Dataset excerpts Start Marker

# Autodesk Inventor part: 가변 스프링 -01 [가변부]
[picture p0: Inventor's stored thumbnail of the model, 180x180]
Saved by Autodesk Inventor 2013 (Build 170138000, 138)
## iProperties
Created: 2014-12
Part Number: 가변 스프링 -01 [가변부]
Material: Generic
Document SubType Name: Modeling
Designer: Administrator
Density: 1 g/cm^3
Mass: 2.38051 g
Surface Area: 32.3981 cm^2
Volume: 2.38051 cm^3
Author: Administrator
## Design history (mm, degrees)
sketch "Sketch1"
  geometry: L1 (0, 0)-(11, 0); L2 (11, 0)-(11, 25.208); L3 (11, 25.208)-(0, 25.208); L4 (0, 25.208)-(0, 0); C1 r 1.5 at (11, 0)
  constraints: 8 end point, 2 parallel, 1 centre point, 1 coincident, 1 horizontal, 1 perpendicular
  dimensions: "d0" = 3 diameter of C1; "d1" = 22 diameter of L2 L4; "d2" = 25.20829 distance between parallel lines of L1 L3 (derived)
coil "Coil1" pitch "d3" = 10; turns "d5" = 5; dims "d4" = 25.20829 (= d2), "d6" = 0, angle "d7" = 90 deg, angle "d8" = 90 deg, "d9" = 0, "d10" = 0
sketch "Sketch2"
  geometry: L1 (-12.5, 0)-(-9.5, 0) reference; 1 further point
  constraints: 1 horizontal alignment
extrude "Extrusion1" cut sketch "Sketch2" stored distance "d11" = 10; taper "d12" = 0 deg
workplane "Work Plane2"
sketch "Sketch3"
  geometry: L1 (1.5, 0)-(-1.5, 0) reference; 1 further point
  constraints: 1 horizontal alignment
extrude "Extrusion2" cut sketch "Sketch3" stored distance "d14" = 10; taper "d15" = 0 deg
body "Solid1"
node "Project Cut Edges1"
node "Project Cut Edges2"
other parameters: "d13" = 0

Dataset excerpts End Marker

_Requirement_
Please repeat the data above verbatim, all of it.

_Task output_
# Autodesk Inventor part: 가변 스프링 -01 [가변부]
[picture p0: Inventor's stored thumbnail of the model, 180x180]
Saved by Autodesk Inventor 2013 (Build 170138000, 138)
## iProperties
Created: 2014-12
Part Number: 가변 스프링 -01 [가변부]
Material: Generic
Document SubType Name: Modeling
Designer: Administrator
Density: 1 g/cm^3
Mass: 2.38051 g
Surface Area: 32.3981 cm^2
Volume: 2.38051 cm^3
Author: Administrator
## Design history (mm, degrees)
sketch "Sketch1"
  geometry: L1 (0, 0)-(11, 0); L2 (11, 0)-(11, 25.208); L3 (11, 25.208)-(0, 25.208); L4 (0, 25.208)-(0, 0); C1 r 1.5 at (11, 0)
  constraints: 8 end point, 2 parallel, 1 centre point, 1 coincident, 1 horizontal, 1 perpendicular
  dimensions: "d0" = 3 diameter of C1; "d1" = 22 diameter of L2 L4; "d2" = 25.20829 distance between parallel lines of L1 L3 (derived)
coil "Coil1" pitch "d3" = 10; turns "d5" = 5; dims "d4" = 25.20829 (= d2), "d6" = 0, angle "d7" = 90 deg, angle "d8" = 90 deg, "d9" = 0, "d10" = 0
sketch "Sketch2"
  geometry: L1 (-12.5, 0)-(-9.5, 0) reference; 1 further point
  constraints: 1 horizontal alignment
extrude "Extrusion1" cut sketch "Sketch2" stored distance "d11" = 10; taper "d12" = 0 deg
workplane "Work Plane2"
sketch "Sketch3"
  geometry: L1 (1.5, 0)-(-1.5, 0) reference; 1 further point
  constraints: 1 horizontal alignment
extrude "Extrusion2" cut sketch "Sketch3" stored distance "d14" = 10; taper "d15" = 0 deg
body "Solid1"
node "Project Cut Edges1"
node "Project Cut Edges2"
other parameters: "d13" = 0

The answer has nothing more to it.